How to find all node's ancestors in NetworkX?

Question

I have a large DiGraph that consists of dependent jobs. For example, for the graph a>b>c, job c can run only once job b is completed. I tried to find a function that gets all c's upstream jobs (that is (a, b)). I used DiGraph.predecessors, but it only returns job b.

Is there a function that will list all c's upstream jobs?

How can I draw the dependency diagram for a leaf node (like job c)?

I have read the documentation but couldn't find the answer.

Answer 1

I had a similar problem for a recent project, where jobs were dependent on other jobs. I found the most reliable way to guarantee processing them in the correct order was to use the DiGraph method topological_sort.

Below is a minimal example, starting with the creation of the DiGraph:

import networkx as nx
import matplotlib.pyplot as plt
from networkx.drawing.nx_pydot import graphviz_layout

# this function is optional
# just moves the node labels on the plot so they don't overlap the lines 
def nudge(pos, x_shift, y_shift):
    return {n:(x + x_shift, y + y_shift) for n,(x,y) in pos.items()} 

# start with a directed graph
dag = nx.DiGraph()

dag.add_edges_from(
    [
        ('root', 'a'), 
        ('a', 'b'),
        ('a', 'c'),
        ('b', 'd'),
        ('d', 'e'),
        ('d', 'f')
    ]
)

# plot the graph
pos = graphviz_layout(dag, prog="dot")
pos_labels = nudge(pos, -5, 15)

fig = plt.figure(figsize=(8, 6))
ax = plt.subplot(1, 1, 1)
plt.margins(0.1)

nx.draw(
    dag, 
    pos=pos,
    ax=ax,
    with_labels=False,
    arrows=True,
    node_size=100, 
    arrowsize=20
)

labels = nx.draw_networkx_labels(
    dag,
    pos=pos_labels,
    ax=ax,
    font_size=18,
    font_weight='bold', 
    font_color='orange',
    verticalalignment='bottom'
)

The output plot of the graph looks like:

Probably the best thing to do first is verify the graph is a directed acyclic graph:

nx.is_directed_acyclic_graph(dag)

That will return True or False. Next, we can use topological_sort to retrieve the nodes in dependency order:

list(nx.algorithms.topological_sort(dag))

This returns:

['root', 'a', 'b', 'c', 'd', 'e', 'f']

If you would instead like to have the edge pairs instead of just the nodes:

list(nx.topological_sort(nx.line_graph(dag)))

which returns:

[('root', 'a'), ('a', 'b'), ('a', 'c'), ('b', 'd'), ('d', 'e'), ('d', 'f')]

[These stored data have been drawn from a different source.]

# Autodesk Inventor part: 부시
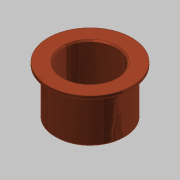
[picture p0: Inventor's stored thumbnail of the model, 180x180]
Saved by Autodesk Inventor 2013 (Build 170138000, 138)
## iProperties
Created: 2015-10
Part Number: 부시
Document SubType Name: Modeling
Designer: mdu
Density: 7.86 g/cm^3
Material: 강철, 연강
Mass: 246.238 g
Surface Area: 128.147 cm^2
Volume: 31.328 cm^3
Author: mdu
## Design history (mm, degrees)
sketch "스케치1"
  geometry: C1 r 31 at (0, 0) reference; C2 r 25 at (0, 0) reference; C3 r 30 at (0, 0) reference; 1 further point
  node "참조1"
  node "참조2"
  node "참조4"
extrude "돌출1" new body sketch "스케치1" distance "d0" = 3; taper "d1" = 0 deg
extrude "돌출2" join sketch "스케치1" distance "d2" = 35; taper "d3" = 0 deg
chamfer "모따기1" distance "d6" = 1; stored, may be unused: second distance "d7" = 2, angle "d8" = 45 deg
sketch "스케치3"
  geometry: C1 r 19 at (0, 0); 1 further point
  constraints: 1 centre point, 1 coincident
  dimensions: "d13" = 38 diameter of C1
extrude "돌출4" cut sketch "스케치3" stored distance "d14" = 10; taper "d15" = 0 deg
chamfer "모따기3" distance "d16" = 1; stored, may be unused: second distance "d17" = 2, angle "d18" = 45 deg
node "솔리드1"
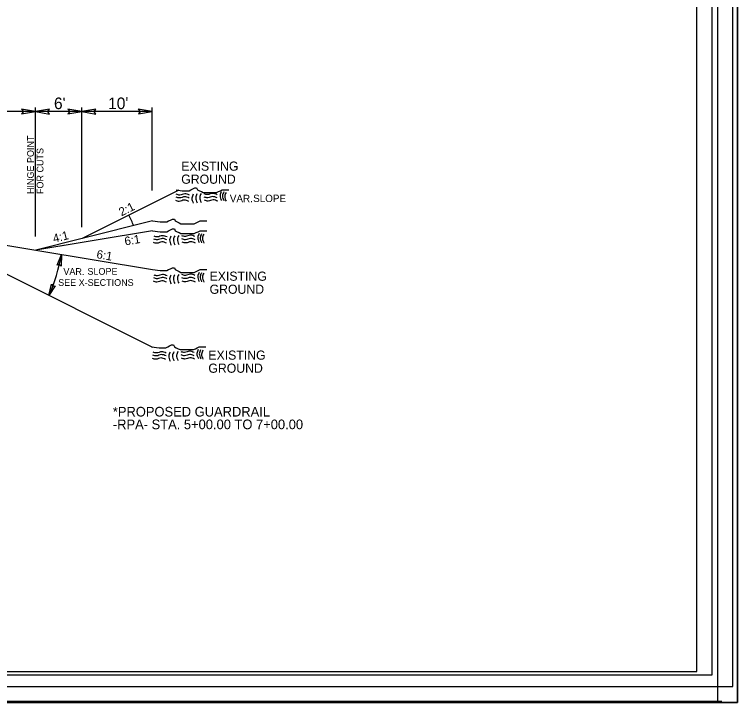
# Model space of a CAD drawing. Extents: x 2294455 to 2294795, y 719276 to 719941.
# Drawn here: x 2294677.5 to 2294794.5, y 719496.2 to 719607.5 of the extents above; entities that cross this region are included whole.
import ezdxf

# ---------------------------------------------------------------- set-up
doc = ezdxf.new("R2010")
doc.units = 0
for name, color, linetype in [('Default', 7, 'Continuous'), ('Old_Level_1', 7, 'Continuous'), ('Old_Level_11', 7, 'Continuous'), ('Old_Level_2', 7, 'Continuous'), ('Old_Level_3', 7, 'Continuous'), ('Sheet Cutting Line CELL', 7, 'Continuous'), ('Sheet Plot Border Inside CELL', 7, 'Continuous'), ('Sheet Plot Border Outside CELL', 7, 'Continuous'), ('Sheet Typical CELL', 7, 'Continuous'), ('Typical Hinge Slope Arterial CELL', 7, 'Continuous'), ('Typical Hinge Slope Interstate CELL', 7, 'Continuous')]:
    doc.layers.add(name, color=color, linetype=linetype)

msp = doc.modelspace()

# ---------------------------------------------------------------- linework, layer by layer
at = {"layer": 'Default'}
msp.add_lwpolyline([(2294454.52, 719716.17), (2294794.52, 719716.17), (2294794.52, 719496.17), (2294454.52, 719496.17)], close=True, dxfattribs=at)
at = {"layer": 'Old_Level_1'}
for p, q in [((2294704.13, 719579.03), (2294688.48, 719571.21)), ((2294699.86, 719574.06), (2294688.48, 719571.21)), ((2294662.23, 719572.46), (2294699.86, 719553.64)), ((2294662.23, 719572.46), (2294680.98, 719569.33)), ((2294699.86, 719572.48), (2294680.98, 719569.33))]:
    msp.add_line(p, q, dxfattribs=at)
at = {"layer": 'Old_Level_11'}
for p, q in [((2294680.95, 719591.75), (2294662.2, 719591.75)), ((2294680.95, 719571.54), (2294680.95, 719592.43)), ((2294688.45, 719591.75), (2294680.95, 719591.75)), ((2294688.45, 719573.05), (2294688.45, 719592.43)), ((2294699.84, 719591.75), (2294688.45, 719591.75)), ((2294699.84, 719579.01), (2294699.84, 719592.43))]:
    msp.add_line(p, q, dxfattribs=at)
for points in [[(2294678.7, 719591.37), (2294680.95, 719591.75), (2294678.69, 719592.15), (2294678.98, 719591.75)], [(2294683.2, 719592.14), (2294680.95, 719591.75), (2294683.22, 719591.35), (2294682.93, 719591.75)], [(2294686.2, 719591.37), (2294688.45, 719591.75), (2294686.19, 719592.15), (2294686.48, 719591.75)], [(2294690.7, 719592.14), (2294688.45, 719591.75), (2294690.71, 719591.35), (2294690.43, 719591.75)], [(2294697.59, 719591.37), (2294699.84, 719591.75), (2294697.58, 719592.15), (2294697.87, 719591.75)], [(2294684.45, 719566.9), (2294685.13, 719568.64), (2294685.08, 719566.76), (2294684.8, 719567.06)], [(2294684.14, 719563.58), (2294683.12, 719562.01), (2294683.55, 719563.84), (2294683.76, 719563.5)]]:
    msp.add_lwpolyline(points, close=True, dxfattribs=at)
at = {"layer": 'Old_Level_2'}
msp.add_line((2294794.52, 719716.17), (2294794.52, 719496.17), dxfattribs=at)
for points in [[(2294705.84, 719578.24), (2294705.09, 719578.46), (2294704.3, 719578.25), (2294703.72, 719578.38)], [(2294705.84, 719578.24), (2294705.09, 719578.46), (2294704.3, 719578.25), (2294703.72, 719578.38)], [(2294707.07, 719578.44), (2294706.86, 719577.82), (2294707.09, 719576.99)], [(2294707.07, 719578.44), (2294706.86, 719577.82), (2294707.09, 719576.99)], [(2294707.73, 719578.49), (2294707.52, 719577.87), (2294707.74, 719577.05)], [(2294707.73, 719578.49), (2294707.52, 719577.87), (2294707.74, 719577.05)], [(2294710.36, 719578.31), (2294709.61, 719578.53), (2294708.81, 719578.33), (2294708.24, 719578.45)], [(2294710.36, 719578.31), (2294709.61, 719578.53), (2294708.81, 719578.33), (2294708.24, 719578.45)], [(2294711.02, 719578.8), (2294710.81, 719578.17), (2294711.04, 719577.35)], [(2294711.02, 719578.8), (2294710.81, 719578.17), (2294711.04, 719577.35)], [(2294711.41, 719578.76), (2294711.2, 719578.13), (2294711.43, 719577.31)], [(2294711.41, 719578.76), (2294711.2, 719578.13), (2294711.43, 719577.31)], [(2294711.78, 719578.68), (2294711.56, 719578.06), (2294711.79, 719577.24)], [(2294711.78, 719578.68), (2294711.56, 719578.06), (2294711.79, 719577.24)], [(2294705.75, 719577.22), (2294705, 719577.44), (2294704.2, 719577.23), (2294703.63, 719577.36)], [(2294705.75, 719577.22), (2294705, 719577.44), (2294704.2, 719577.23), (2294703.63, 719577.36)], [(2294705.82, 719577.77), (2294705.07, 719577.99), (2294704.28, 719577.78), (2294703.7, 719577.91)], [(2294705.82, 719577.77), (2294705.07, 719577.99), (2294704.28, 719577.78), (2294703.7, 719577.91)], [(2294706.47, 719578.38), (2294706.25, 719577.76), (2294706.48, 719576.94)], [(2294706.47, 719578.38), (2294706.25, 719577.76), (2294706.48, 719576.94)], [(2294710.36, 719577.79), (2294709.61, 719578), (2294708.82, 719577.8), (2294708.24, 719577.93)], [(2294710.36, 719577.79), (2294709.61, 719578), (2294708.82, 719577.8), (2294708.24, 719577.93)], [(2294710.42, 719577.26), (2294709.67, 719577.47), (2294708.87, 719577.27), (2294708.3, 719577.4)], [(2294710.42, 719577.26), (2294709.67, 719577.47), (2294708.87, 719577.27), (2294708.3, 719577.4)], [(2294702.24, 719571.47), (2294701.48, 719571.68), (2294700.69, 719571.48), (2294700.12, 719571.61)], [(2294702.24, 719571.47), (2294701.48, 719571.68), (2294700.69, 719571.48), (2294700.12, 719571.61)], [(2294702.86, 719571.61), (2294702.65, 719570.99), (2294702.88, 719570.17)], [(2294702.86, 719571.61), (2294702.65, 719570.99), (2294702.88, 719570.17)], [(2294703.47, 719571.67), (2294703.25, 719571.05), (2294703.48, 719570.22)], [(2294703.47, 719571.67), (2294703.25, 719571.05), (2294703.48, 719570.22)], [(2294704.12, 719571.72), (2294703.91, 719571.1), (2294704.14, 719570.27)], [(2294704.12, 719571.72), (2294703.91, 719571.1), (2294704.14, 719570.27)], [(2294706.75, 719571.54), (2294706, 719571.76), (2294705.2, 719571.55), (2294704.63, 719571.68)], [(2294706.75, 719571.54), (2294706, 719571.76), (2294705.2, 719571.55), (2294704.63, 719571.68)], [(2294707.42, 719572.03), (2294707.2, 719571.4), (2294707.43, 719570.58)], [(2294707.42, 719572.03), (2294707.2, 719571.4), (2294707.43, 719570.58)], [(2294707.8, 719571.98), (2294707.59, 719571.36), (2294707.82, 719570.54)], [(2294707.8, 719571.98), (2294707.59, 719571.36), (2294707.82, 719570.54)], [(2294708.17, 719571.91), (2294707.96, 719571.29), (2294708.19, 719570.47)], [(2294708.17, 719571.91), (2294707.96, 719571.29), (2294708.19, 719570.47)], [(2294702.14, 719570.45), (2294701.39, 719570.67), (2294700.59, 719570.46), (2294700.02, 719570.59)], [(2294702.14, 719570.45), (2294701.39, 719570.67), (2294700.59, 719570.46), (2294700.02, 719570.59)], [(2294702.22, 719571), (2294701.46, 719571.21), (2294700.67, 719571.01), (2294700.1, 719571.14)], [(2294702.22, 719571), (2294701.46, 719571.21), (2294700.67, 719571.01), (2294700.1, 719571.14)], [(2294706.76, 719571.02), (2294706, 719571.23), (2294705.21, 719571.03), (2294704.64, 719571.16)], [(2294706.76, 719571.02), (2294706, 719571.23), (2294705.21, 719571.03), (2294704.64, 719571.16)], [(2294706.81, 719570.49), (2294706.06, 719570.7), (2294705.26, 719570.5), (2294704.69, 719570.63)], [(2294706.81, 719570.49), (2294706.06, 719570.7), (2294705.26, 719570.5), (2294704.69, 719570.63)], [(2294707.42, 719565.73), (2294707.2, 719565.11), (2294707.43, 719564.29)], [(2294707.42, 719565.73), (2294707.2, 719565.11), (2294707.43, 719564.29)], [(2294707.8, 719565.69), (2294707.59, 719565.07), (2294707.82, 719564.24)], [(2294707.8, 719565.69), (2294707.59, 719565.07), (2294707.82, 719564.24)], [(2294708.17, 719565.62), (2294707.96, 719565), (2294708.19, 719564.17)], [(2294708.17, 719565.62), (2294707.96, 719565), (2294708.19, 719564.17)], [(2294702.14, 719564.16), (2294701.39, 719564.37), (2294700.59, 719564.17), (2294700.02, 719564.3)], [(2294702.14, 719564.16), (2294701.39, 719564.37), (2294700.59, 719564.17), (2294700.02, 719564.3)], [(2294702.22, 719564.7), (2294701.46, 719564.92), (2294700.67, 719564.71), (2294700.1, 719564.84)], [(2294702.22, 719564.7), (2294701.46, 719564.92), (2294700.67, 719564.71), (2294700.1, 719564.84)], [(2294702.24, 719565.17), (2294701.48, 719565.39), (2294700.69, 719565.19), (2294700.12, 719565.31)], [(2294702.24, 719565.17), (2294701.48, 719565.39), (2294700.69, 719565.19), (2294700.12, 719565.31)], [(2294702.86, 719565.32), (2294702.65, 719564.7), (2294702.88, 719563.87)], [(2294702.86, 719565.32), (2294702.65, 719564.7), (2294702.88, 719563.87)], [(2294703.47, 719565.37), (2294703.25, 719564.75), (2294703.48, 719563.93)], [(2294703.47, 719565.37), (2294703.25, 719564.75), (2294703.48, 719563.93)], [(2294704.12, 719565.42), (2294703.91, 719564.8), (2294704.14, 719563.98)], [(2294704.12, 719565.42), (2294703.91, 719564.8), (2294704.14, 719563.98)], [(2294706.75, 719565.24), (2294706, 719565.46), (2294705.2, 719565.26), (2294704.63, 719565.39)], [(2294706.75, 719565.24), (2294706, 719565.46), (2294705.2, 719565.26), (2294704.63, 719565.39)], [(2294706.76, 719564.72), (2294706, 719564.93), (2294705.21, 719564.73), (2294704.64, 719564.86)], [(2294706.76, 719564.72), (2294706, 719564.93), (2294705.21, 719564.73), (2294704.64, 719564.86)], [(2294706.81, 719564.19), (2294706.06, 719564.41), (2294705.26, 719564.21), (2294704.69, 719564.33)], [(2294706.81, 719564.19), (2294706.06, 719564.41), (2294705.26, 719564.21), (2294704.69, 719564.33)], [(2294702.09, 719552.7), (2294701.34, 719552.91), (2294700.55, 719552.71), (2294699.97, 719552.84)], [(2294702.09, 719552.7), (2294701.34, 719552.91), (2294700.55, 719552.71), (2294699.97, 719552.84)], [(2294702.72, 719552.84), (2294702.5, 719552.22), (2294702.73, 719551.4)], [(2294702.72, 719552.84), (2294702.5, 719552.22), (2294702.73, 719551.4)], [(2294703.32, 719552.9), (2294703.11, 719552.28), (2294703.34, 719551.45)], [(2294703.32, 719552.9), (2294703.11, 719552.28), (2294703.34, 719551.45)], [(2294703.98, 719552.95), (2294703.77, 719552.33), (2294703.99, 719551.5)], [(2294703.98, 719552.95), (2294703.77, 719552.33), (2294703.99, 719551.5)], [(2294706.61, 719552.77), (2294705.86, 719552.99), (2294705.06, 719552.78), (2294704.49, 719552.91)], [(2294706.61, 719552.77), (2294705.86, 719552.99), (2294705.06, 719552.78), (2294704.49, 719552.91)], [(2294707.27, 719553.26), (2294707.06, 719552.63), (2294707.29, 719551.81)], [(2294707.27, 719553.26), (2294707.06, 719552.63), (2294707.29, 719551.81)], [(2294707.66, 719553.21), (2294707.45, 719552.59), (2294707.68, 719551.77)], [(2294707.66, 719553.21), (2294707.45, 719552.59), (2294707.68, 719551.77)], [(2294708.03, 719553.14), (2294707.81, 719552.52), (2294708.04, 719551.7)], [(2294708.03, 719553.14), (2294707.81, 719552.52), (2294708.04, 719551.7)], [(2294702, 719551.68), (2294701.25, 719551.9), (2294700.45, 719551.69), (2294699.88, 719551.82)], [(2294702, 719551.68), (2294701.25, 719551.9), (2294700.45, 719551.69), (2294699.88, 719551.82)], [(2294702.07, 719552.23), (2294701.32, 719552.44), (2294700.53, 719552.24), (2294699.95, 719552.37)], [(2294702.07, 719552.23), (2294701.32, 719552.44), (2294700.53, 719552.24), (2294699.95, 719552.37)], [(2294706.61, 719552.25), (2294705.86, 719552.46), (2294705.07, 719552.26), (2294704.49, 719552.39)], [(2294706.61, 719552.25), (2294705.86, 719552.46), (2294705.07, 719552.26), (2294704.49, 719552.39)], [(2294706.67, 719551.72), (2294705.92, 719551.93), (2294705.12, 719551.73), (2294704.55, 719551.86)], [(2294706.67, 719551.72), (2294705.92, 719551.93), (2294705.12, 719551.73), (2294704.55, 719551.86)]]:
    msp.add_spline(points, degree=3, dxfattribs=at)
at = {"layer": 'Sheet Cutting Line CELL'}
msp.add_line((2294791.96, 719496.34), (2294455.16, 719496.34), dxfattribs=at)
at = {"layer": 'Sheet Plot Border Inside CELL'}
msp.add_lwpolyline([(2294790.42, 719711.68), (2294457.12, 719711.68), (2294457.12, 719500.66), (2294790.42, 719500.66)], close=True, dxfattribs=at)
at = {"layer": 'Sheet Plot Border Outside CELL'}
for points in [[(2294793.79, 719718.76), (2294456.99, 719718.76), (2294456.99, 719498.76), (2294793.79, 719498.76)], [(2294454.52, 719496.17), (2294791.32, 719496.17), (2294791.32, 719716.17), (2294454.52, 719716.17)], [(2294794.52, 719716.17), (2294454.52, 719716.17), (2294454.52, 719496.17), (2294794.52, 719496.17)]]:
    msp.add_lwpolyline(points, close=True, dxfattribs=at)
at = {"layer": 'Sheet Typical CELL'}
msp.add_lwpolyline([(2294787.92, 719711.17), (2294487.92, 719711.17), (2294487.92, 719501.17), (2294787.92, 719501.17)], close=True, dxfattribs=at)
at = {"layer": 'Typical Hinge Slope Arterial CELL'}
msp.add_line((2294688.48, 719571.21), (2294680.98, 719569.33), dxfattribs=at)
for points in [[(2294703.72, 719579.09), (2294704.7, 719578.96), (2294705.01, 719578.96), (2294705.47, 719578.96), (2294705.78, 719578.96), (2294706.09, 719579.12), (2294706.4, 719579.27), (2294706.7, 719579.43), (2294707.01, 719579.43), (2294707.17, 719579.12), (2294707.48, 719578.96), (2294707.78, 719578.81), (2294708.09, 719578.65), (2294708.4, 719578.65), (2294708.71, 719578.65), (2294709.01, 719578.65), (2294709.32, 719578.65), (2294709.63, 719578.65), (2294709.94, 719578.65), (2294710.25, 719578.65), (2294710.55, 719578.81), (2294710.86, 719578.96), (2294711.17, 719579.12), (2294711.63, 719579.12), (2294711.94, 719579.12), (2294712.25, 719579.12)], [(2294699.86, 719574.06), (2294701.1, 719573.9), (2294701.4, 719573.9), (2294701.87, 719573.9), (2294702.17, 719573.9), (2294702.48, 719574.06), (2294702.79, 719574.21), (2294703.1, 719574.37), (2294703.41, 719574.37), (2294703.56, 719574.06), (2294703.87, 719573.9), (2294704.18, 719573.75), (2294704.48, 719573.6), (2294704.79, 719573.6), (2294705.1, 719573.6), (2294705.41, 719573.6), (2294705.72, 719573.6), (2294706.02, 719573.6), (2294706.33, 719573.6), (2294706.64, 719573.6), (2294706.95, 719573.75), (2294707.26, 719573.9), (2294707.56, 719574.06), (2294708.03, 719574.06), (2294708.33, 719574.06), (2294708.64, 719574.06)], [(2294699.86, 719572.48), (2294701.1, 719572.33), (2294701.4, 719572.33), (2294701.87, 719572.33), (2294702.17, 719572.33), (2294702.48, 719572.48), (2294702.79, 719572.64), (2294703.1, 719572.79), (2294703.41, 719572.79), (2294703.56, 719572.48), (2294703.87, 719572.33), (2294704.18, 719572.17), (2294704.48, 719572.02), (2294704.79, 719572.02), (2294705.1, 719572.02), (2294705.41, 719572.02), (2294705.72, 719572.02), (2294706.02, 719572.02), (2294706.33, 719572.02), (2294706.64, 719572.02), (2294706.95, 719572.17), (2294707.26, 719572.33), (2294707.56, 719572.48), (2294708.03, 719572.48), (2294708.33, 719572.48), (2294708.64, 719572.48)], [(2294699.86, 719566.19), (2294701.1, 719566.03), (2294701.4, 719566.03), (2294701.87, 719566.03), (2294702.17, 719566.03), (2294702.48, 719566.19), (2294702.79, 719566.34), (2294703.1, 719566.5), (2294703.41, 719566.5), (2294703.56, 719566.19), (2294703.87, 719566.03), (2294704.18, 719565.88), (2294704.48, 719565.73), (2294704.79, 719565.73), (2294705.1, 719565.73), (2294705.41, 719565.73), (2294705.72, 719565.73), (2294706.02, 719565.73), (2294706.33, 719565.73), (2294706.64, 719565.73), (2294706.95, 719565.88), (2294707.26, 719566.03), (2294707.56, 719566.19), (2294708.03, 719566.19), (2294708.33, 719566.19), (2294708.64, 719566.19)], [(2294699.72, 719553.71), (2294700.95, 719553.56), (2294701.26, 719553.56), (2294701.72, 719553.56), (2294702.03, 719553.56), (2294702.34, 719553.71), (2294702.65, 719553.87), (2294702.96, 719554.02), (2294703.26, 719554.02), (2294703.42, 719553.71), (2294703.73, 719553.56), (2294704.03, 719553.4), (2294704.34, 719553.25), (2294704.65, 719553.25), (2294704.96, 719553.25), (2294705.27, 719553.25), (2294705.57, 719553.25), (2294705.88, 719553.25), (2294706.19, 719553.25), (2294706.5, 719553.25), (2294706.81, 719553.4), (2294707.11, 719553.56), (2294707.42, 719553.71), (2294707.88, 719553.71), (2294708.19, 719553.71), (2294708.5, 719553.71)]]:
    msp.add_lwpolyline(points, dxfattribs=at)
at = {"layer": 'Typical Hinge Slope Interstate CELL'}
for p, q in [((2294688.48, 719570.58), (2294680.98, 719569.33)), ((2294680.98, 719569.33), (2294699.86, 719566.19))]:
    msp.add_line(p, q, dxfattribs=at)
for centre, radius, start, end in [((2294688.48, 719570.58), 8.77, 18.0001, 30.219), ((2294658.48, 719573.08), 27.01, 335.8047, 350.5377)]:
    msp.add_arc(centre, radius, start, end, dxfattribs=at)

# ---------------------------------------------------------------- texts
at = {"layer": 'Old_Level_1'}
for s, height, rotation, p in [('HINGE POINT ', 1.0885, 90, (2294680.68, 719578.42)), ('FOR CUTS', 1.089, 90, (2294682.23, 719578.42)), ('EXISTING', 1.484, 360, (2294704.52, 719582.19)), ('GROUND', 1.484, 360, (2294704.52, 719580.08)), ('EXISTING', 1.484, 360, (2294709.11, 719564.39)), ('GROUND', 1.484, 360, (2294709.11, 719562.28)), ('EXISTING', 1.484, 360, (2294708.91, 719551.62)), ('GROUND', 1.484, 360, (2294708.91, 719549.51))]:
    msp.add_text(s, height=height, rotation=rotation, dxfattribs=at).set_placement(p)
at = {"layer": 'Old_Level_11'}
for s, p in [('*PROPOSED GUARDRAIL ', (2294693.46, 719542.43)), ('-RPA- STA. 5+00.00 TO 7+00.00', (2294693.46, 719540.38))]:
    msp.add_text(s, height=1.5625, rotation=360, dxfattribs=at).set_placement(p)
at = {"layer": 'Old_Level_3'}
for s, p in [("6'", (2294683.94, 719592.15)), ("10'", (2294692.7, 719592.15))]:
    msp.add_text(s, height=1.875, rotation=0.1671, dxfattribs=at).set_placement(p)
at = {"layer": 'Typical Hinge Slope Arterial CELL'}
for s, height, p in [('VAR. ', 1.193, (2294712.39, 719577.1)), ('SLOPE', 1.193, (2294716.16, 719577.12)), ('VAR. ', 1.089, (2294685.46, 719565.34)), ('SLOPE', 1.089, (2294689.35, 719565.36))]:
    msp.add_text(s, height=height, dxfattribs=at).set_placement(p)
msp.add_text('4:1', height=1.375, rotation=14.0362, dxfattribs=at).set_placement((2294683.94, 719570.53))
at = {"layer": 'Typical Hinge Slope Interstate CELL'}
for s, rotation, p in [('2:1', 26.5651, (2294694.85, 719574.79)), ('6:1', 9.4623, (2294695.46, 719570.09)), ('6:1', 350.5377, (2294690.74, 719568.05))]:
    msp.add_text(s, height=1.375, rotation=rotation, dxfattribs=at).set_placement(p)
msp.add_text('SEE X-SECTIONS', height=1.0885, dxfattribs=at).set_placement((2294684.61, 719563.56))

doc.saveas('drawing.dxf')

Finally, if the jobs need to be in reverse order you can use reverse:

dag_reverse = dag.reverse()

Re-running the commands::

list(nx.algorithms.topological_sort(dag_reverse))

gives:

['c', 'e', 'f', 'd', 'b', 'a', 'root']

and:

list(nx.topological_sort(nx.line_graph(dag_reverse)))

gives:

[('c', 'a'), ('e', 'd'), ('f', 'd'), ('d', 'b'), ('b', 'a'), ('a', 'root')]

Answer 2

It may seem strange, but this function is called ancestors :)

nx.ancestors(G, your_node)

Answer 3

Using predecessors will only return the nodes with a direct edge to the input node. Finding all node's ancestors can be done as follows:

import networkx as nx
import matplotlib.pyplot as plt
G = nx.DiGraph()

# G is:
#      e-->f
#      ^
#      |
# a--->b-->c-->d
#

G.add_edges_from([('a', 'b'),('b', 'c'),('c', 'd'), ('b', 'e'), ('e', 'f')])
T = nx.dfs_tree(G.reverse(), source='f').reverse()     

# T is: a-->b-->e-->f

pos = nx.nx_pydot.pydot_layout(T, prog='dot')
nx.draw_networkx(T, pos=pos, arrows= True, with_labels=True)
plt.show()

What we do is simply running DFS from the input node on the reversed directed graph, and then reverse the result again to get the edges in their original direction.

The last three lines are for drawing the result.